My Retrospective
On my eighteenth birthdayI (January 24, 1943) I was an undergraduate engineering student who went to my draft board to volunteer for the Army. I was concerned that they might draft me for the Navy and I didn't think I could swim well enough when in trouble but could dig a fox hole as well as anyone. I was mysteriously deferred (as a convenience to the government) and told to stay in engineering school until called.
Eventually I wound up at Los Alamos, helping cast lenses for the Fat Man In recent years at the end of a presentation on my experience, I am frequently asked if the use of atom bombs were the right thing or the wrong thing to do. I then describe this as a question with moral connotation and killing is always wrong. However, I prefer also to answer this mathematically, if it were the correct or incorrect thing to have done This usually ends the discussion -- something can be morally wrong but surely mathematical correct.

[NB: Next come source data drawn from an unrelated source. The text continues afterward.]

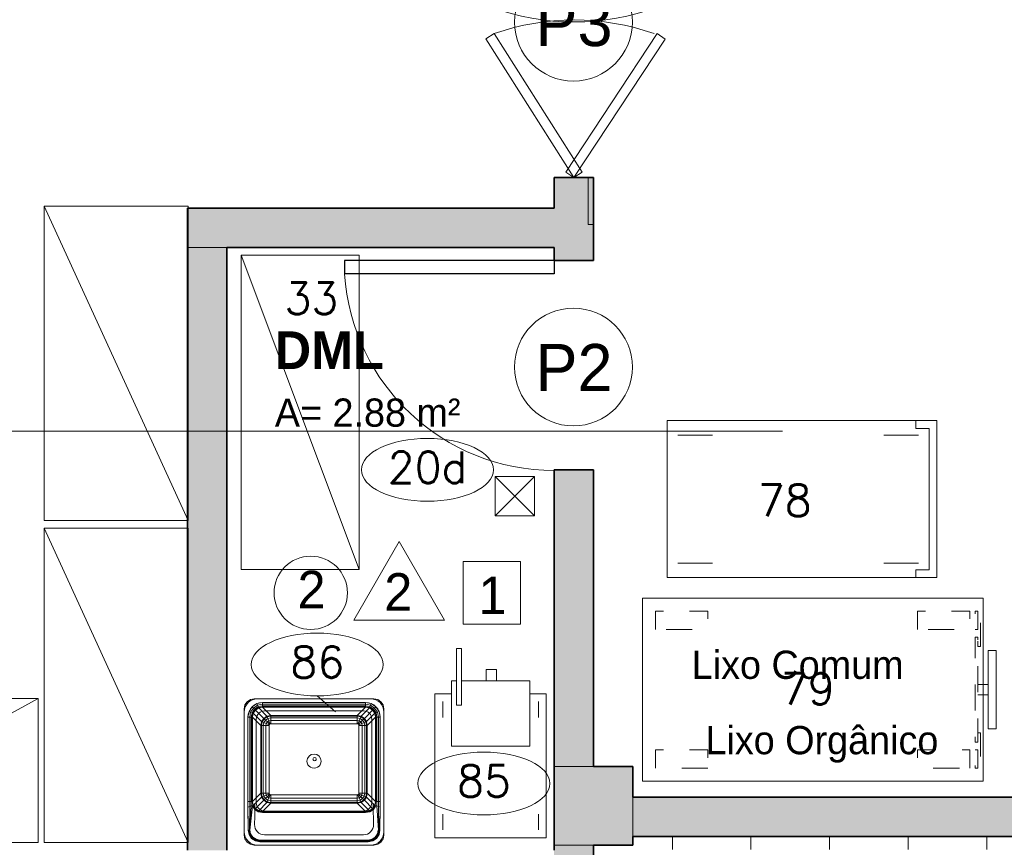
# Model space of a CAD drawing. Header units: metres. Extents: x -33 to 126, y -29 to 31.
# Tile 8 of 75: x -21.42 to -17.66, y -20.86 to -17.69. Entities that reach past the tile are written whole.
import ezdxf

# ---------------------------------------------------------------- set-up
doc = ezdxf.new("R2010")
doc.units = ezdxf.units.M
doc.linetypes.add('IMPORT-HIDDEN3', pattern=[0.1075, 0.075, -0.0325])
for name, color, linetype, lineweight in [('A-AREA-IDEN', 2, 'Continuous', 9), ('A-DETL-THIN', 151, 'Continuous', 18), ('A-DOOR', 31, 'Continuous', 18), ('A-DOOR-IDEN', 31, 'Continuous', 9), ('A-FLOR-PATT', 8, 'Continuous', 18), ('A-WALL', 113, 'Continuous', 18), ('A-WALL-PATT', 111, 'Continuous', 35), ('C-NEUTRO', 7, 'Continuous', 18), ('C-NUMERO', 7, 'Continuous', 18), ('C-PONTOS-HIDR', 7, 'Continuous', 18), ('G-ANNO-SYMB', 111, 'Continuous', 9), ('G-ANNO-TEXT', 7, 'Continuous', 18), ('G-IMPT', 8, 'Continuous', 18), ('LAYOUT_dwg _2_', 8, 'Continuous', 18), ('P-SANR-FIXT', 6, 'Continuous', 18)]:
    doc.layers.add(name, color=color, linetype=linetype, lineweight=lineweight)
doc.styles.add('Century Gothic', font='GOTHIC.TTF', dxfattribs={"height": 0.143711})
doc.styles.add('Century Gothic_1', font='GOTHIC.TTF', dxfattribs={"height": 0.179639})
doc.styles.add('Century Gothic_2', font='GOTHIC.TTF', dxfattribs={"height": 0.107783})
doc.styles.add('Century Gothic_B', font='GOTHICB.TTF', dxfattribs={"height": 0.143612})
doc.styles.add('romans_2', font='romans__.ttf', dxfattribs={"height": 0.12})

# ---------------------------------------------------------------- blocks, each defined once
blk = doc.blocks.new('M_TanqueDeServico - Name-509338-2-PLANTA COM LAYOUT')
at = {"layer": 'G-IMPT'}
for p, q in [((0.0508, 0.5588), (0.4826, 0.5588)), ((0, 0.0508), (0, 0.508)), ((0.0778, 0.5197), (0.4556, 0.5197)), ((0.5334, 0.508), (0.5334, 0.0508)), ((0.4553, 0.429), (0.0781, 0.429)), ((0.0463, 0.3972), (0.0463, 0.0781)), ((0.4871, 0.0781), (0.4871, 0.3972)), ((0.0781, 0.0463), (0.4553, 0.0463)), ((0.4826, 0), (0.0508, 0))]:
    blk.add_line(p, q, dxfattribs=at)
for centre, radius, start, end in [((0.0508, 0.508), 0.0508, 90, 180), ((0.4826, 0.508), 0.0508, 360, 90), ((0.0778, 0.4816), 0.0381, 90, 181.0547), ((0.4556, 0.4816), 0.0381, 358.9453, 90), ((-25.3385, 0.0137), 25.3825, 0.86841, 1.05478), ((25.8719, 0.0137), 25.3825, 178.94522, 179.13159), ((0.0781, 0.3972), 0.0317, 90, 180), ((0.4553, 0.3972), 0.0318, 360, 90), ((0.2667, 0.2383), 0.0271, 360, 180), ((0.2667, 0.2383), 0.0271, 180, 360), ((0.0781, 0.0781), 0.0318, 180, 270), ((0.4553, 0.0781), 0.0318, 270, 0), ((0.0508, 0.0508), 0.0508, 180, 270), ((0.4826, 0.0508), 0.0508, 270, 0)]:
    blk.add_arc(centre, radius, start, end, dxfattribs=at)
blk = doc.blocks.new('M_TanqueDeServico - Name-509339-2-PLANTA COM LAYOUT')
at = {"layer": 'G-IMPT'}
for start, end in [(360, 180), (180, 360)]:
    blk.add_arc((0, 0), 0.00635, start, end, dxfattribs=at)
blk = doc.blocks.new('M_TanqueDeServico - 6580_dxf-509337-2-PLANTA COM LAYOUT')
at = {"layer": 'G-IMPT'}
for p, q in [((0.0235, -0.0029), (0.0381, 0)), ((0.0381, 0), (0.4953, 0)), ((0.4953, 0), (0.5099, -0.0029)), ((0, -0.0381), (0.0029, -0.0235)), ((0.0029, -0.0235), (0.0112, -0.0112)), ((0.0112, -0.0112), (0.0235, -0.0029)), ((0.0187, -0.0401), (0.0283, -0.0257)), ((0.03, -0.0274), (0.0209, -0.0411)), ((0.0315, -0.0289), (0.0228, -0.0419)), ((0.0325, -0.0299), (0.0241, -0.0424)), ((0.0328, -0.0302), (0.0245, -0.0426)), ((0.0427, -0.0161), (0.0283, -0.0257)), ((0.03, -0.0274), (0.0283, -0.0257)), ((0.0437, -0.0183), (0.03, -0.0274)), ((0.03, -0.0274), (0.0315, -0.0289)), ((0.0315, -0.0289), (0.0445, -0.0202)), ((0.0315, -0.0289), (0.0325, -0.0299)), ((0.0325, -0.0299), (0.045, -0.0215)), ((0.0325, -0.0299), (0.0328, -0.0302)), ((0.0328, -0.0302), (0.0452, -0.022)), ((0.0597, -0.0127), (0.0427, -0.0161)), ((0.0427, -0.0161), (0.0437, -0.0183)), ((0.0597, -0.0151), (0.0437, -0.0183)), ((0.0437, -0.0183), (0.0445, -0.0202)), ((0.0445, -0.0202), (0.0597, -0.0172)), ((0.0445, -0.0202), (0.045, -0.0215)), ((0.045, -0.0215), (0.0597, -0.0186)), ((0.045, -0.0215), (0.0452, -0.022)), ((0.0597, -0.019), (0.0452, -0.022)), ((0.0597, -0.0127), (0.0597, -0.0151)), ((0.0597, -0.0127), (0.4737, -0.0127)), ((0.0597, -0.0151), (0.4737, -0.0151)), ((0.0597, -0.0151), (0.0597, -0.0172)), ((0.4737, -0.0172), (0.0597, -0.0172)), ((0.0597, -0.0172), (0.0597, -0.0186)), ((0.0597, -0.019), (0.0597, -0.0186)), ((0.4737, -0.0186), (0.0597, -0.0186)), ((0.4737, -0.019), (0.0597, -0.019)), ((0.4737, -0.0127), (0.4907, -0.0161)), ((0.4737, -0.0151), (0.4737, -0.0127)), ((0.4737, -0.0151), (0.4897, -0.0183)), ((0.4737, -0.0151), (0.4737, -0.0172)), ((0.4889, -0.0202), (0.4737, -0.0172)), ((0.4737, -0.0172), (0.4737, -0.0186)), ((0.4737, -0.019), (0.4737, -0.0186)), ((0.4884, -0.0215), (0.4737, -0.0186)), ((0.4737, -0.019), (0.4882, -0.022)), ((0.4884, -0.0215), (0.4882, -0.022)), ((0.5006, -0.0302), (0.4882, -0.022)), ((0.4889, -0.0202), (0.4884, -0.0215)), ((0.5009, -0.0299), (0.4884, -0.0215)), ((0.4897, -0.0183), (0.4889, -0.0202)), ((0.5019, -0.0289), (0.4889, -0.0202)), ((0.4897, -0.0183), (0.4907, -0.0161)), ((0.4897, -0.0183), (0.5034, -0.0274)), ((0.4907, -0.0161), (0.5051, -0.0257)), ((0.5009, -0.0299), (0.5006, -0.0302)), ((0.5006, -0.0302), (0.5089, -0.0426)), ((0.5019, -0.0289), (0.5009, -0.0299)), ((0.5009, -0.0299), (0.5093, -0.0424)), ((0.5034, -0.0274), (0.5019, -0.0289)), ((0.5019, -0.0289), (0.5106, -0.0419)), ((0.5034, -0.0274), (0.5051, -0.0257)), ((0.5034, -0.0274), (0.5125, -0.0411)), ((0.5051, -0.0257), (0.5147, -0.0401)), ((0.5099, -0.0029), (0.5222, -0.0112)), ((0.5222, -0.0112), (0.5305, -0.0235)), ((0.5305, -0.0235), (0.5334, -0.0381)), ((0, -0.5207), (0, -0.0381)), ((0.0153, -0.0571), (0.0142, -0.1448)), ((0.0153, -0.0571), (0.0142, -0.1661)), ((0.0153, -0.0571), (0.0187, -0.0401)), ((0.0177, -0.0571), (0.0153, -0.0571)), ((0.0177, -0.0571), (0.0209, -0.0411)), ((0.0177, -0.0571), (0.0198, -0.0571)), ((0.0187, -0.0401), (0.0209, -0.0411)), ((0.0198, -0.0571), (0.0228, -0.0419)), ((0.0209, -0.1474), (0.0198, -0.0571)), ((0.0198, -0.0571), (0.0212, -0.0571)), ((0.0209, -0.0411), (0.0228, -0.0419)), ((0.0212, -0.0571), (0.0241, -0.0424)), ((0.0212, -0.0571), (0.0216, -0.0571)), ((0.0212, -0.0571), (0.0266, -0.1496)), ((0.0245, -0.0426), (0.0216, -0.0571)), ((0.0228, -0.0419), (0.0241, -0.0424)), ((0.0241, -0.0424), (0.0245, -0.0426)), ((0.5118, -0.0571), (0.5017, -0.1486)), ((0.5122, -0.0571), (0.5068, -0.1496)), ((0.5093, -0.0424), (0.5089, -0.0426)), ((0.5118, -0.0571), (0.5089, -0.0426)), ((0.5106, -0.0419), (0.5093, -0.0424)), ((0.5122, -0.0571), (0.5093, -0.0424)), ((0.5125, -0.0411), (0.5106, -0.0419)), ((0.5136, -0.0571), (0.5106, -0.0419)), ((0.5122, -0.0571), (0.5118, -0.0571)), ((0.5136, -0.0571), (0.5122, -0.0571)), ((0.5125, -0.0411), (0.5147, -0.0401)), ((0.5157, -0.0571), (0.5125, -0.0411)), ((0.5136, -0.0571), (0.5125, -0.1474)), ((0.5157, -0.0571), (0.5136, -0.0571)), ((0.5181, -0.0571), (0.5147, -0.0401)), ((0.5157, -0.0571), (0.5181, -0.0571)), ((0.5181, -0.0571), (0.5192, -0.1448)), ((0.5181, -0.0571), (0.5192, -0.1661)), ((0.5334, -0.0381), (0.5334, -0.5207)), ((0.0142, -0.1448), (0.0142, -0.1661)), ((0.0209, -0.1474), (0.0144, -0.1449)), ((0.0209, -0.1474), (0.0266, -0.1496)), ((0.0209, -0.1474), (0.0209, -0.1661)), ((0.0266, -0.1496), (0.0317, -0.1486)), ((0.0266, -0.1496), (0.0334, -0.151)), ((0.0266, -0.1496), (0.0266, -0.1661)), ((0.0317, -0.1486), (0.0402, -0.1365)), ((0.042, -0.1382), (0.0334, -0.151)), ((0.0429, -0.1392), (0.0347, -0.1515)), ((0.0538, -0.1274), (0.0402, -0.1365)), ((0.0402, -0.1365), (0.042, -0.1382)), ((0.0548, -0.1297), (0.042, -0.1382)), ((0.042, -0.1382), (0.0429, -0.1392)), ((0.0553, -0.1309), (0.0429, -0.1392)), ((0.0747, -0.1709), (0.0429, -0.1392)), ((0.0538, -0.1274), (0.0699, -0.1242)), ((0.0538, -0.1274), (0.0548, -0.1297)), ((0.0548, -0.1297), (0.0699, -0.1267)), ((0.0548, -0.1297), (0.0553, -0.1309)), ((0.0699, -0.128), (0.0553, -0.1309)), ((0.087, -0.1627), (0.0553, -0.1309)), ((0.0699, -0.1267), (0.0699, -0.1242)), ((0.0699, -0.1242), (0.4636, -0.1242)), ((0.0699, -0.1267), (0.4636, -0.1267)), ((0.0699, -0.1267), (0.0699, -0.128)), ((0.1016, -0.1598), (0.0699, -0.128)), ((0.4636, -0.128), (0.0699, -0.128)), ((0.4318, -0.1598), (0.4636, -0.128)), ((0.4464, -0.1627), (0.4781, -0.1309)), ((0.4587, -0.1709), (0.4905, -0.1392)), ((0.4796, -0.1274), (0.4636, -0.1242)), ((0.4636, -0.1242), (0.4636, -0.1267)), ((0.4786, -0.1297), (0.4636, -0.1267)), ((0.4636, -0.1267), (0.4636, -0.128)), ((0.4781, -0.1309), (0.4636, -0.128)), ((0.4786, -0.1297), (0.4781, -0.1309)), ((0.4905, -0.1392), (0.4781, -0.1309)), ((0.4796, -0.1274), (0.4786, -0.1297)), ((0.4914, -0.1382), (0.4786, -0.1297)), ((0.4932, -0.1365), (0.4796, -0.1274)), ((0.4914, -0.1382), (0.4905, -0.1392)), ((0.4987, -0.1515), (0.4905, -0.1392)), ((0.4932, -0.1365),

Where I grew up in Nashville, neighboring mothers on all sides had Gold Stars in the windows. My older brother was in the Air Corps but remained in the US on another science project. Harry Denham from the home immediately on the left was a Marine who survived Guadalcanal but was killed at Tarawa. Bill Hager, across the street, survived D-Day with serious injury. Johnny Ozier immediately to the right was on a B-17 that did not return to base. Conrad Jamieson, immediately behind us was killed on D-Day. Across the street and down three houses lived John Manchester, a Navy Aviator like George Bush Senior, except he didn't make it back to his Carrier.
I could not have been more exhuberant when Japan surrendered and we immediately stopped making the lenses for the Fat Man. Who could possibly imagine (at that time!) that we would ever need a single bomb that could destroy a whole city!